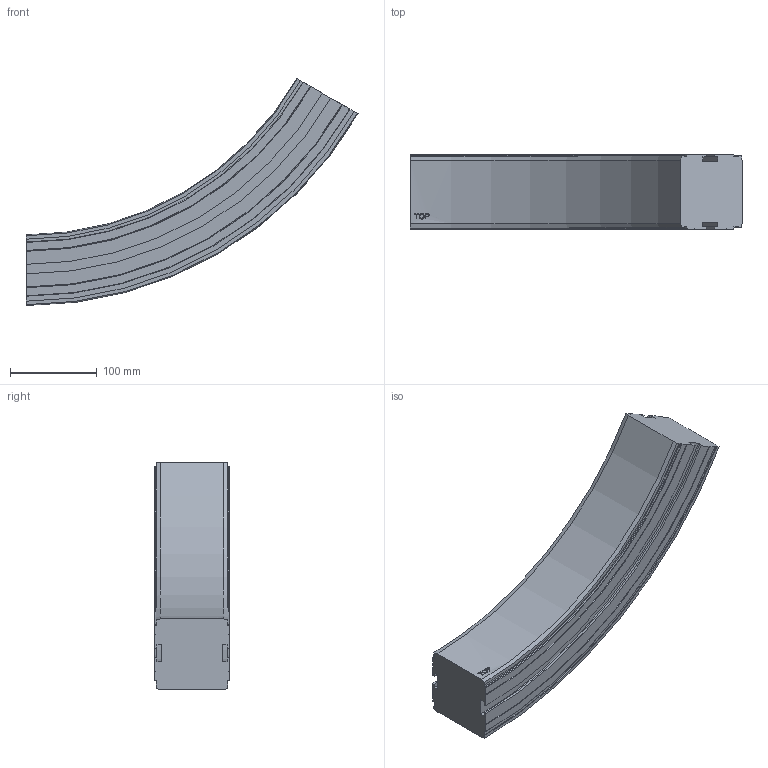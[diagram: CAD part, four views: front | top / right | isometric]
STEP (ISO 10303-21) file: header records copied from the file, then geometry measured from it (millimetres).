
FILE_DESCRIPTION((''),'2;1');
FILE_NAME('C:\Vault Klient\Projekt\Koncept konstruktion\Serie 830 Balk\830-5630_UP.stp','2009-11-27T10:52:59',('Mathias'),(''),'Autodesk Inventor 2010','Autodesk Inventor 2010','');
FILE_SCHEMA(('AUTOMOTIVE_DESIGN { 1 0 10303 214 1 1 1 1 }'));
Length unit declared in the file: millimetre
Products named in the file (1): 830-5630_UP
Bounding box: 382.78 x 86 x 261.75 mm (x, y, z)
Volume: 2792882.7 mm3; surface area: 184885.4 mm2
Topology: 1 solids, 1 shells, 93 faces, 258 edges, 172 vertices
Faces by surface type: plane 40, cylinder 23, bspline 14, cone 12, torus 4
Entity records: 3377 total; most frequent: CARTESIAN_POINT 942, ORIENTED_EDGE 516, DIRECTION 472, EDGE_CURVE 258, VERTEX_POINT 172, AXIS2_PLACEMENT_3D 162, VECTOR 148, LINE 148
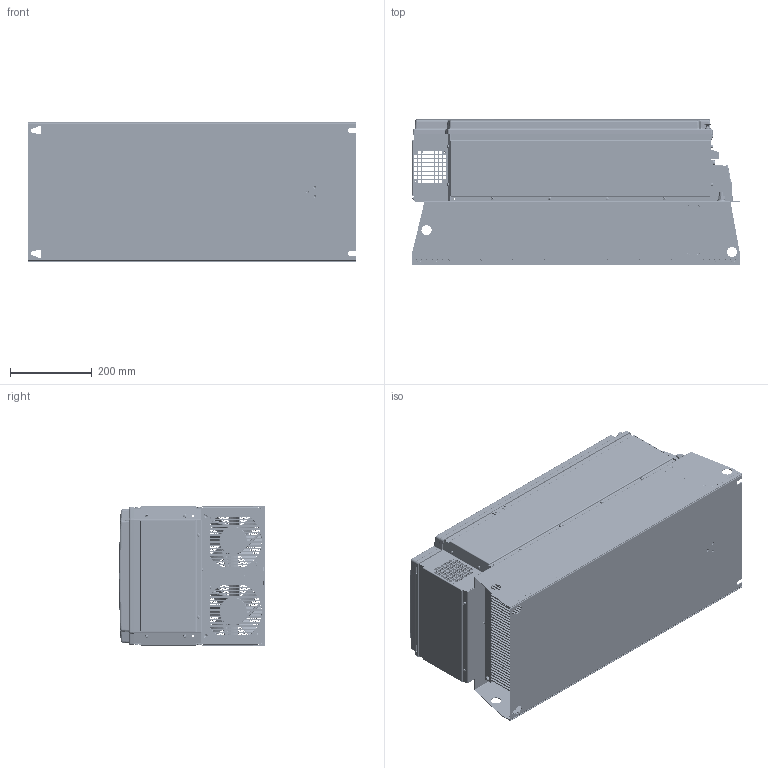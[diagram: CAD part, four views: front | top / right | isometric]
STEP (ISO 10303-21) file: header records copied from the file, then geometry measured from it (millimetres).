
FILE_DESCRIPTION (( 'STEP AP214' ), '1' );
FILE_NAME ('U0F5T00-0000.STEP', '2014-02-24T08:50:56', ( 'KEB' ), ( 'Karl E. Brinkmann GmbH' ), 'SwSTEP 2.0', 'SolidWorks 2013', '' );
FILE_SCHEMA (( 'AUTOMOTIVE_DESIGN' ));
Length unit declared in the file: millimetre
Products named in the file (84): 10000392_000_00.F5.060-1000 OPERATOR ; 10003659_000; 10003197_000; 10001538_000; 10001530_000; 10003034_000; 10000571_000; 10003199_000; 10002545_000; 10002665_000_ohne Litzen; 10001513_000; 10003148_000; 10003800_000; 10002549_000; 10000237_000; 10003345_000_00.F5.T75-0009 ABDECKUNG; 10003149_000; 10000820_000_S-M4-1 (Blechst„rke min.1,0); 10000891_000; 10000820_000_S-M3-2 (Blechst„rke min.1,4); 10000395_000; 10003668_000; 10000002_000; 10000955_000; 10000273_000_mit Bef-Material; 10003801_000; 10000844_000; 10000820_000_S-M4-2 (Blechst„rke min.1,4); 10000954_000; 10003168_000; 10003196_000; 10003169_000; 10002455_000; 10000272_000_mit Bef-Material; 10000564_000_mit Bef-Material; 10003106_000; 10002593_000; 10003146_000; U0F5T00-0000; 10001016_000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
Assembly tree (342 placements, depth 5):
  U0F5T00-0000
    10025586_000
      10000291_000
        10003196_000
        10003800_000  x2
          10003801_000
          10000820_000_S-M4-1 (Blechst„rke min.1,0)
        10003199_000
        10003197_000
        10000888_000  x4
        10003198_000
        10003200_000
        10000889_000  x12
        10000871_000  x2
        10000862_000  x2
        10000892_000  x6
        10000856_000_Klemmber. 4mm  x42
        10000856_000_Klemmber. 3mm  x22
        10008906_000  x5
      10000258_000
        10000237_000
          10003106_000
          10000820_000_S-M4-2 (Blechst„rke min.1,4)  x4
          10000820_000_S-M3-2 (Blechst„rke min.1,4)
        10002665_000_ohne Litzen  x2
        10001530_000  x5
        10001692_000_M 4 A  x4
        10001519_000_M4x45  x4
        10002616_000
        10001494_000_M 3 x 22
        10002691_000  x2
      10000275_000
        10003170_000
        10003171_000  x38
    10000272_000_mit Bef-Material
      10003167_000
      10000888_000  x2
      10003146_000
      10001530_000  x6
    10000273_000_mit Bef-Material
      10003168_000
      10000888_000  x2
      10003146_000
      10001530_000  x6
    10000571_000
      10003668_000
      10003149_000  x2
      10003148_000  x2
    10000563_000_mit Befestigungsmaterial
      10003659_000
      10003658_000
      10000821_000  x11
      10001530_000  x2
    10000570_000_mit Bef.-Material
      10003667_000
      10000881_000  x4
      10001530_000  x6
      10000896_000  x10
      10000888_000  x10
      10000876_000  x3
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Bounding box: 800 x 357 x 340.01 mm (x, y, z)
Volume: 18121707 mm3; surface area: 10836247.4 mm2
Topology: 349 solids, 349 shells, 19105 faces, 47762 edges, 30294 vertices
Faces by surface type: plane 10009, cylinder 4520, bspline 1920, cone 1698, torus 809, sphere 149
Entity records: 509073 total; most frequent: CARTESIAN_POINT 173559, ORIENTED_EDGE 61494, DIRECTION 53797, EDGE_CURVE 30747, LINE 20619, VECTOR 20619, VERTEX_POINT 19826, AXIS2_PLACEMENT_3D 16589

#####

→ **What this task involves**:
Starting from the line holding "10003667_000", restate the remaining lines of the data word for word, including the last.

→ **Solution to this exercise**:
      10003667_000
      10000881_000  x4
      10001530_000  x6
      10000896_000  x10
      10000888_000  x10
      10000876_000  x3
Bounding box: 800 x 357 x 340.01 mm (x, y, z)
Volume: 18121707 mm3; surface area: 10836247.4 mm2
Topology: 349 solids, 349 shells, 19105 faces, 47762 edges, 30294 vertices
Faces by surface type: plane 10009, cylinder 4520, bspline 1920, cone 1698, torus 809, sphere 149
Entity records: 509073 total; most frequent: CARTESIAN_POINT 173559, ORIENTED_EDGE 61494, DIRECTION 53797, EDGE_CURVE 30747, LINE 20619, VECTOR 20619, VERTEX_POINT 19826, AXIS2_PLACEMENT_3D 16589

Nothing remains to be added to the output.